Figure 4. sECM-encapsulated mNSC-S-TRAIL cells transplanted into the tumor resection cavity increase survival of mice

(a) Light photomicrograph of the resection cavity containing sECM-encapsulated mNSCs (outlined area). (b–d) mNSC-GFP-Fluc cells encapsulated in sECM were implanted intracranially in the resection cavity, and the mice were injected with Angiosense-750 (blue) intravenously and imaged by IVM and by serial Fluc bioluminescence imaging. (b) Fluorescence photomicrograph showing mNSCs (green) targeting residual GBM cells (red) in a tumor resection cavity with leaky vasculature (blue). (c) Hematoxylin and eosin image of sECM-encapsulated mNSC-GFP-Fluc cells implanted (outlined area) in the resection cavity. (d) Higher magnification fluorescence photomicrograph showing mNSCs (green) targeting residual GBM cells (red) indicated by arrows in a tumor resection cavity with leaky vasculature (blue). (e) Plot and representative images from day 7 (dashed outlines) of the relative mean Fluc signal intensity of mNSC-GFP-Fluc cells in suspension or encapsulated in sECM, placed in the GBM resection cavity (*P < 0.05 versus encapsulated mNSCs). (f,g) mNSC-S-TRAIL or mNSC-GFP-Rluc cells encapsulated in sECM or mNSC-S-TRAIL cells in suspension were implanted intracranially in the tumor resection cavity. (f) TRAIL-mediated caspase-3/7 activation and tumor volumes as assessed by serial bioluminescence imaging after aminoluciferin and luciferin injections, respectively. Caspase-3/7 activity, *P < 0.05 versus mNSC-S-TRAIL; tumor volumes, *P < 0.05 versus controls. (g) Kaplan-Meier survival curves. P < 0.05, resected + GFP-Rluc cells in sECM versus un-resected; P < 0.05, resected + mNSC-S-TRAIL cells in sECM versus resected + mNSC-S-TRAIL cells in suspension. Scale bars, 200 µm (b) and 100 µm (c,d). Original magnification, ×4 (a). Data are mean ± s.e.m.

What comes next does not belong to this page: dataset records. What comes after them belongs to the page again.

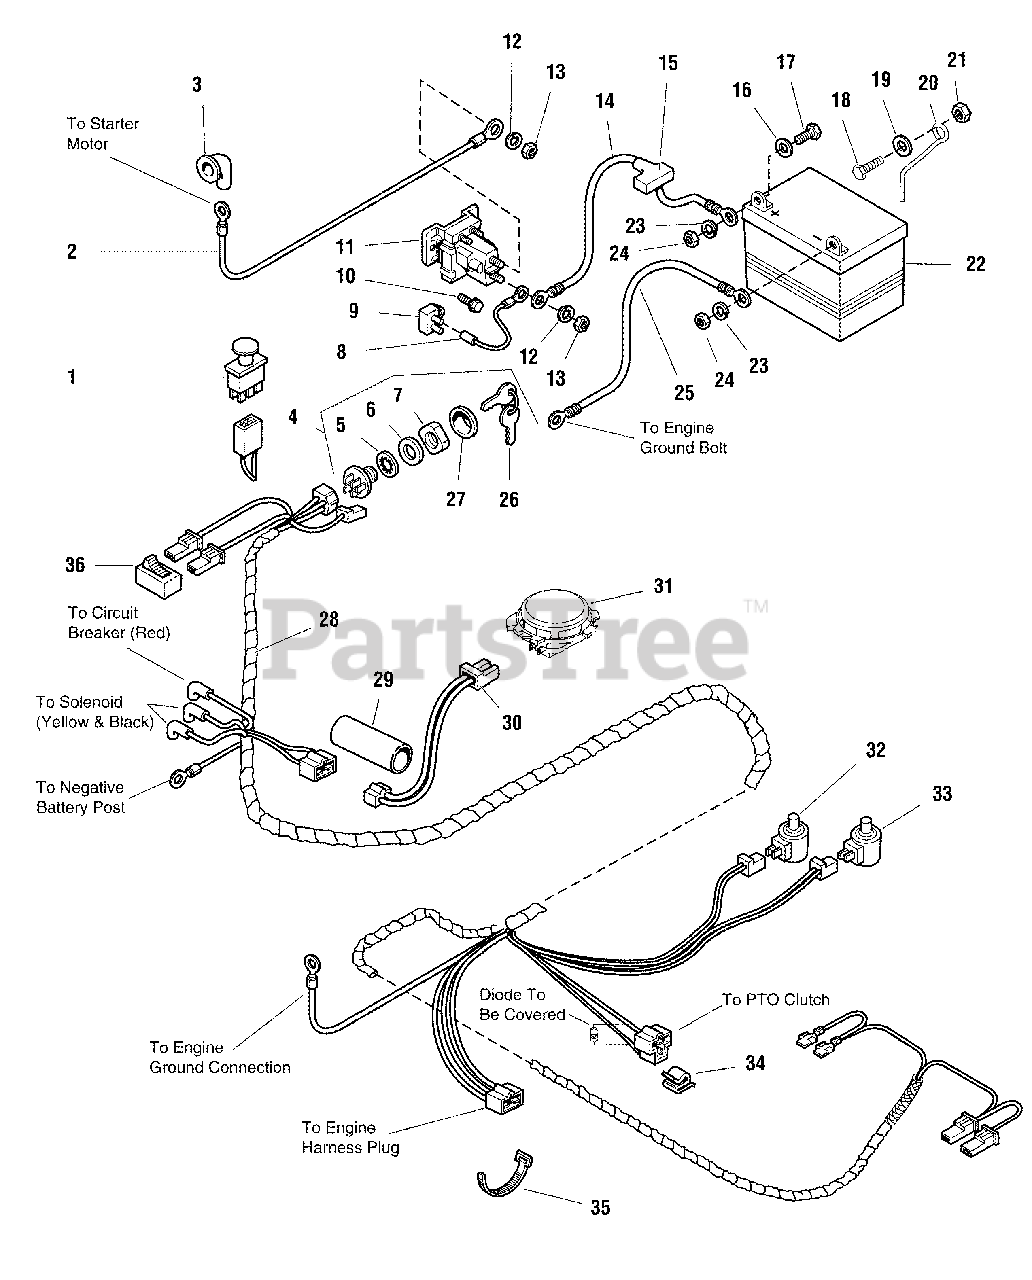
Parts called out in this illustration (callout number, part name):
1	SWITCH, PTO, Push/Pull
2	CABLE, # 6, 42-1/2 Long
3	COVER, Terminal
4	SWITCH ASSEMBLY, Ignition, 6 Pin (Includes Ref. Nos. 5, 6, 7, 26 & 27)
5	LOCKWASHER, Internal Tooth, 5/8
6	WASHER, 5/8
7	NUT, Hex Flange, 5/8-32
8	WIRE, 12GA, 5.9 Long Red
9	BREAKER, Circuit 12Volt, 20Amps W/Tab
10	SCREW, Hex Washer Head Taptite, 1/4 x 5/8
11	SOLENOID, 4 Pole12Volt DC
12	LOCKWASHER, External Tooth, 5/16
13	NUT, Hex, 5/16-24
14	CABLE, # 6, 10 Long
15	BOOT, Insulator Battery Terminal
16	WASHER, 1/4
17	CAPSCREW, Hex Head, 1/4 x 3/4
18	CAPSCREW, Hex Head, 5/16-18 x 3/4
19	WASHER, 5/16
20	ROD, Battery Hold Down
21	NUT, Hex Lock ESNAL, 5/16-18
22	BATTERY, 12 Volt
23	LOCKWASHER, 1/4
24	NUT, Hex, 1/4-20
25	CABLE, # 6, 52-1/2 Long
26	KEY, Ignition
27	COVER, Ignition Switch
28	WIRE ASSEMBLY, Main Harness
29	SHRINK TUBE
30	WIRE ASSEMBLY, 16GA, 16 Long
31	SWITCH, Seat, Gray Switch, Gray Retainer
31	SWITCH, Seat, Gray Switch, Black Retainer
32	SWITCH, Push, Black
33	SWITCH, Push, Grey
34	CLIP, Wire
36	SWITCH, Headlights
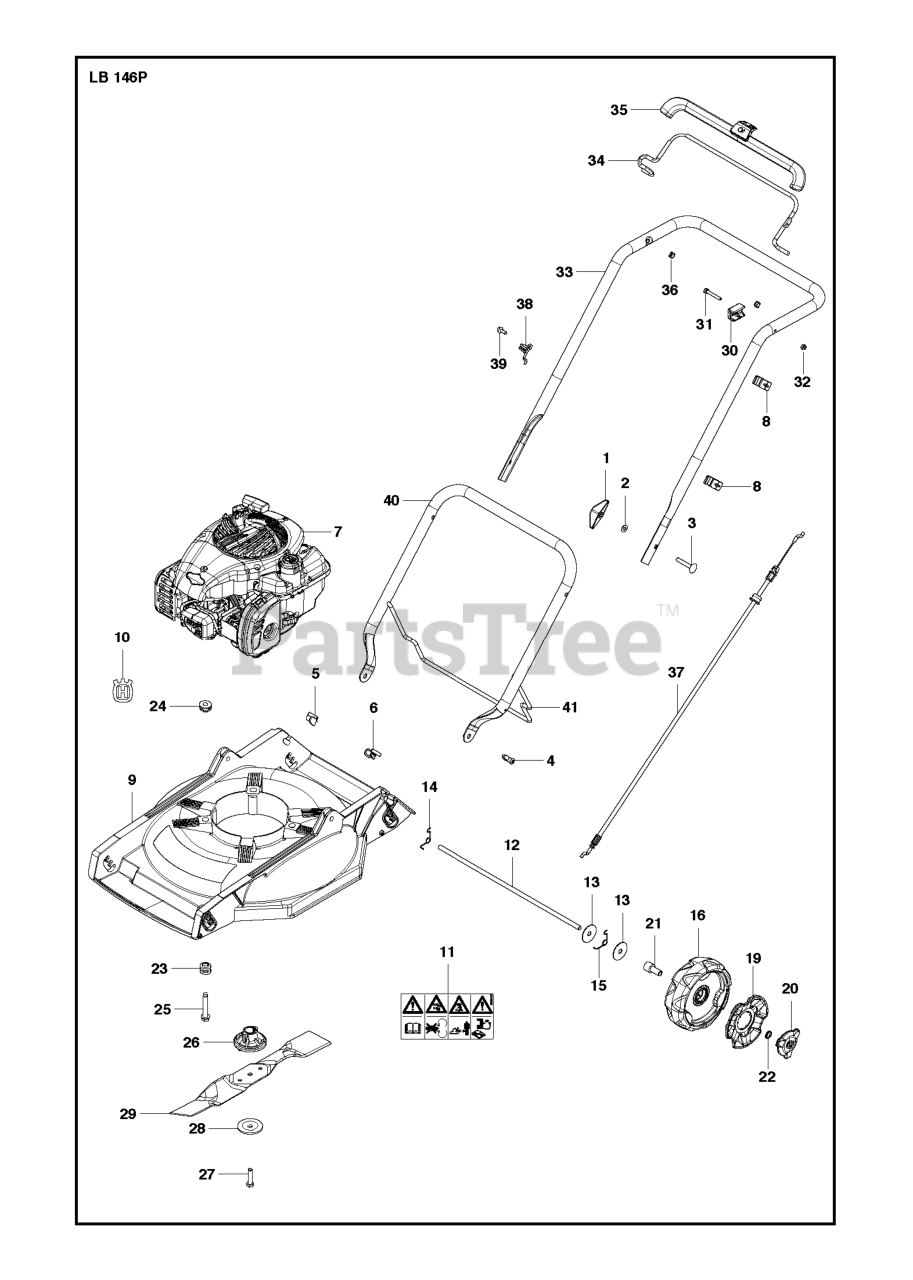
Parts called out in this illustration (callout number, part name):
1	WINGNUT
10	DECAL HUSQVARNA CROWN 41MM FLA
32	NUT FLANGE - M6
39	SCREW
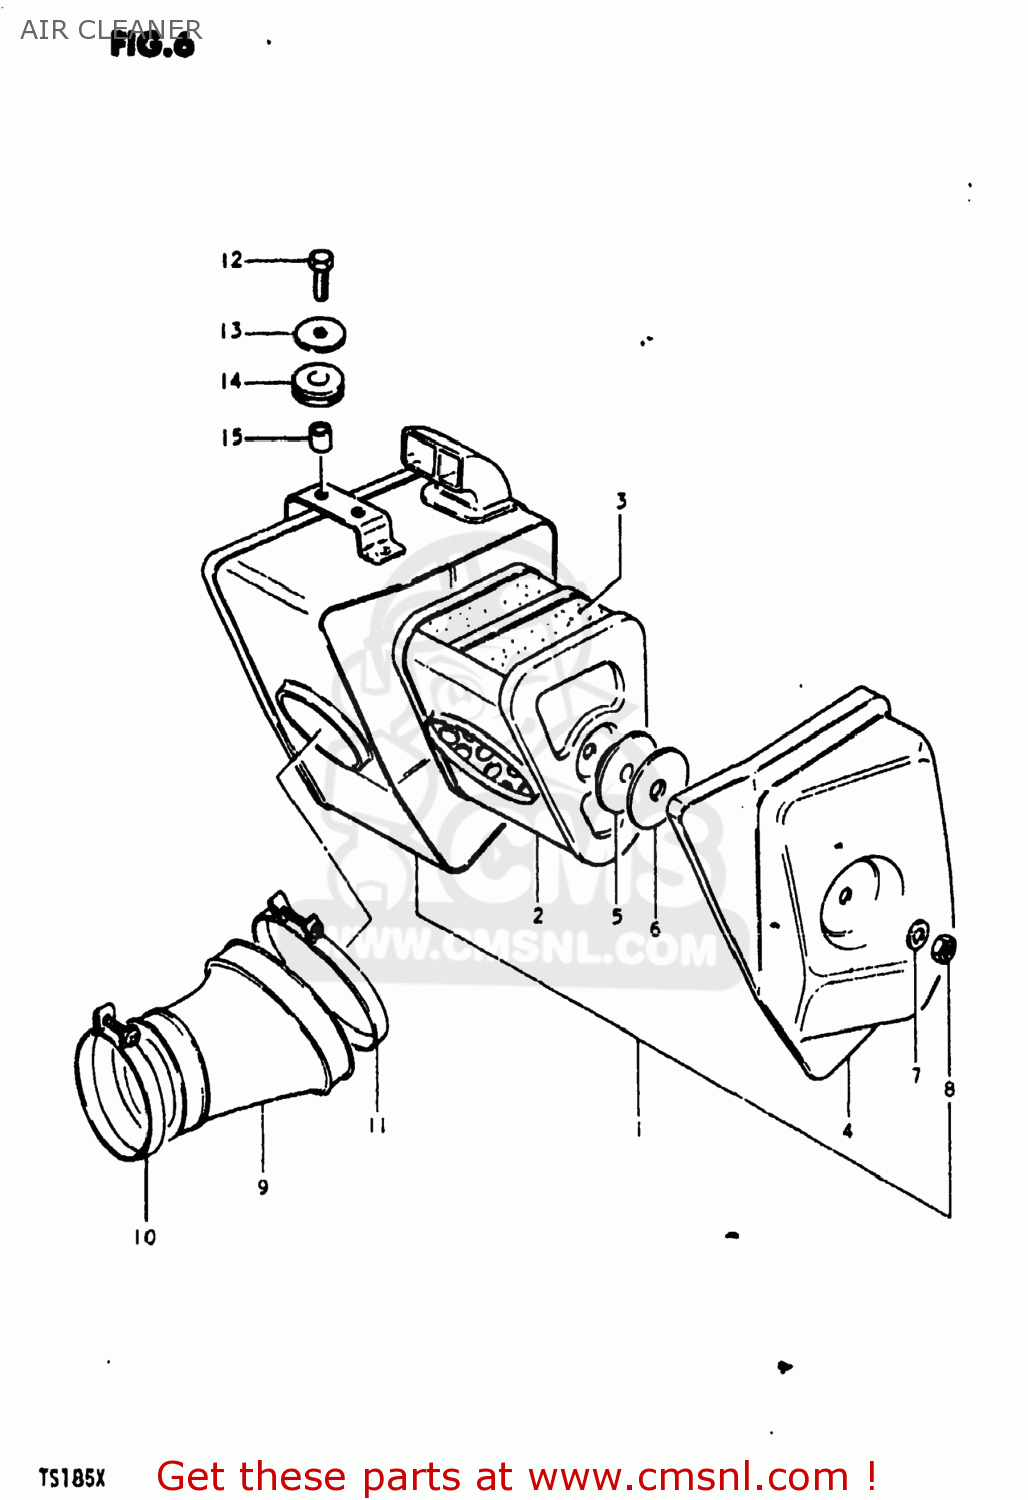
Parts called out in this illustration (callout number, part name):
1	CLEANER ASSEMBLY,AIR
2	FILTER ASSY,AIR CLEANER
3	FILTER
4	CAP
5	SEAL
6	SPACER
7	WASHER
8	NUT
9	TUBE,AIR CLEANER OUTLET
10	CLAMP
11	CLAMP
12	BOLT, UPPER
13	WASHER (6.5X20X1.2)
14	CUSHION
15	SPACER (7X9X7)
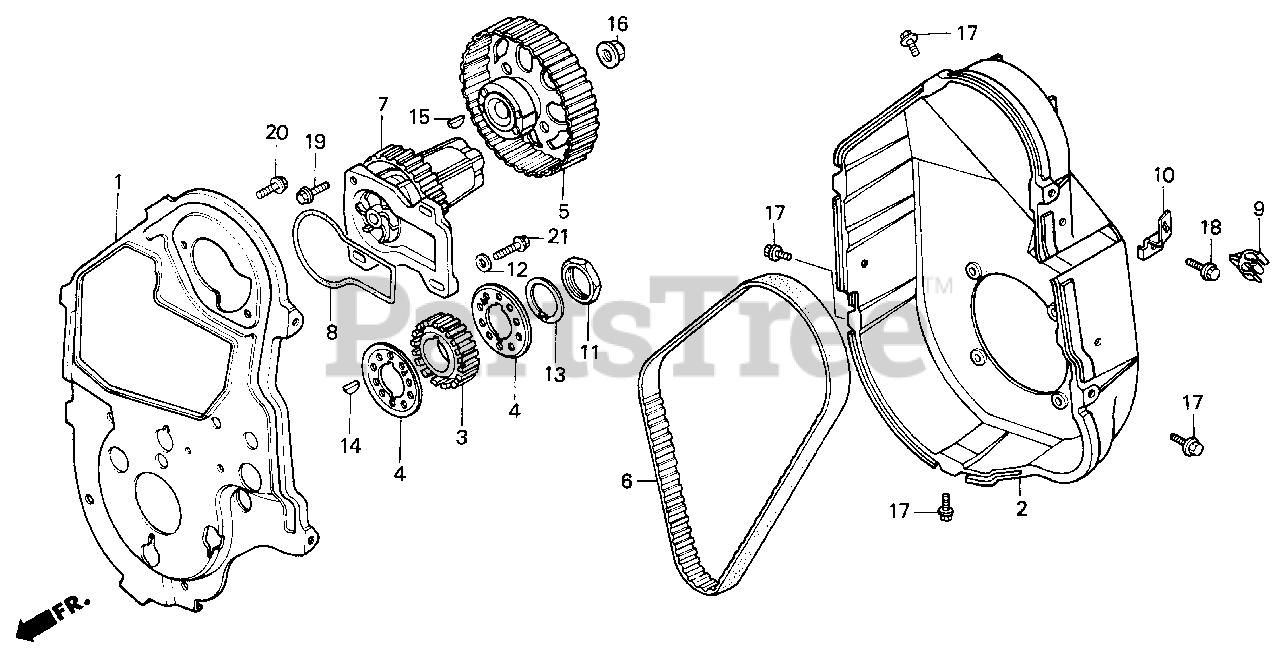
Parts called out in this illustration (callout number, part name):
1	COVER B, TIMING BELT
2	COVER A, TIMING BELT
3	PULLEY, TIMING
4	FLANGE, TIMING PULLEY
5	PULLEY, CAMSHAFT
6	BELT, TIMING
7	WATER PUMP
8	O-RING, WATER PUMP
9	CLIP, RECEIVER PIPE
10	BRACKET, IGNITION WIRE CLIP
11	NUT, LOCK (30MM)
12	WASHER, PLAIN (6.5X15)
13	WASHER, LOCK (30MM)
14	KEY, SPECIAL WOODRUFF (25X18)
15	KEY, CAM PULLEY
15	KEY, WOODRUFF (16X12)
16	NUT, FLANGE (10MM)
17	BOLT, FLANGE (6X10)
18	BOLT, FLANGE (6X12)
19	BOLT, FLANGE (6X22)
20	BOLT, FLANGE (6X12)
21	BOLT, FLANGE (6X22)
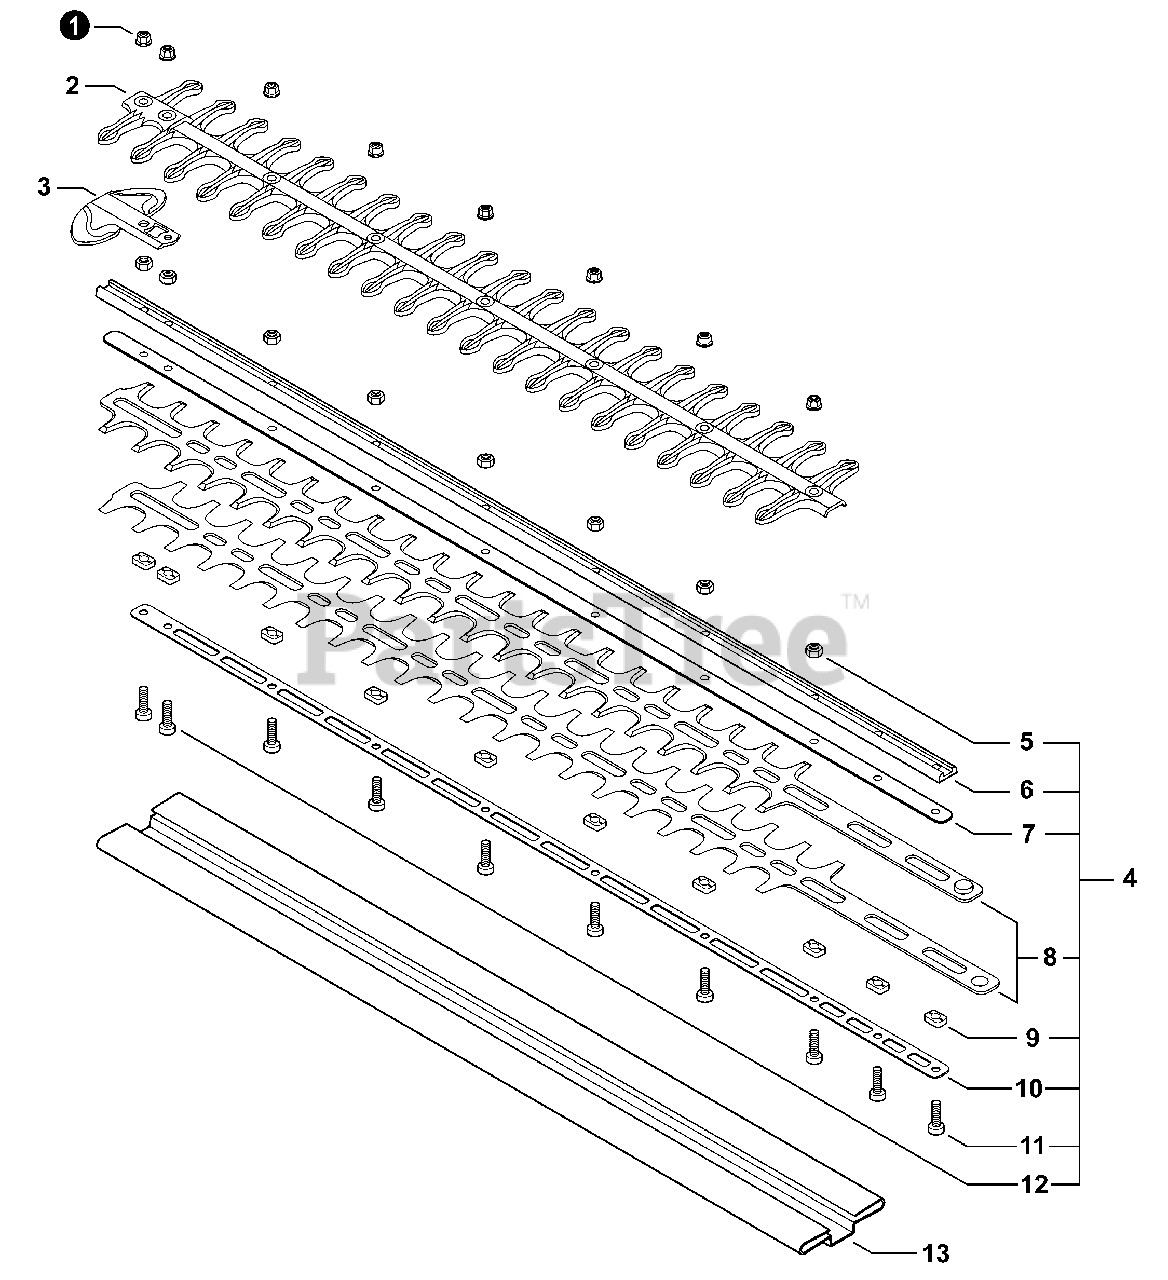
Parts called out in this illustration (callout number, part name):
1	NUT, FLANGE M5
2	PROTECTOR
3	GUARD, TIP
4	CUTTER ASSY, 24"
6	SUPPORT, CUTTER 24"
7	PLATE, CUTTER 24"
8	CUTTER 24"
10	SUPPORT, CUTTER 24"
11	BOLT, TORX 5×20
12	BOLT, TORX 5×25
13	SCABBARD

Figure 5. sECM-encapsulated therapeutic human MSCs have anti-tumor effects on primary invasive human GBMs in vitro and in vivo

(a,b) Primary invasive GBM8-mCherry-Fluc cells grown as neurospheres in a collagen matrix (a) and brain section of mice bearing GBM8-mCherry-Fluc tumors, showing the highly invasive nature of GBM8 (b). Arrow, site of implantation; arrowheads, path of invasion. (c–g) hMSCs expressing GFP or S-TRAIL were encapsulated in sECM and placed in a culture dish containing human GBM8-Fluc-mCherry cells. hMSCs (green) were followed for migration out of sECM, and GBM8 cells (red) were followed for their response to S-TRAIL secreted by hMSCs. Photomicrographs show sECM-encapsulated hMSCs on the day of plating (c,e) and 48 h after plating (d,f). (g) GBM8 cell viability at different time points after culturing with varying numbers of either sECM-encapsulated hMSC-GFP (control) or hMSC-S-TRAIL (TRAIL) cells. *P < 0.05 versus TRAIL at 8 h, 16 h and 24 h. (h–j) Encapsulated hMSC-S-TRAIL or hMSC-GFP cells in sECM were implanted intracranially in the tumor resection cavity of mice bearing GBM8-mCherry-Fluc cells and mice were followed for changes in tumor volume by serial Fluc bioluminescence imaging and correlative immunohistochemistry. Plot and representative images show the relative mean Fluc signal intensity from mice bearing sECM-encapsulated hMSC-GFP or hMSC-S-TRAIL cells. *P < 0.05 versus control (h). (i,j) Low-magnification (i) and high-magnification (j) photomicrographs of serial brain sections of mice showing hMSCs (green) on day 5 after hMSC implantation in the GBM8 (red) resection cavity. (k,l) Representative images showing cleaved caspase-3 staining (purple) on brain sections from mice implanted with hMSC-S-TRAIL cells (green, k) and control cells (green, l) 5 d after treatment. Scale bars: 100 µm (a,c–f,i), 200 µm (b) and 50 µm (j–l). Data are mean ± s.e.m.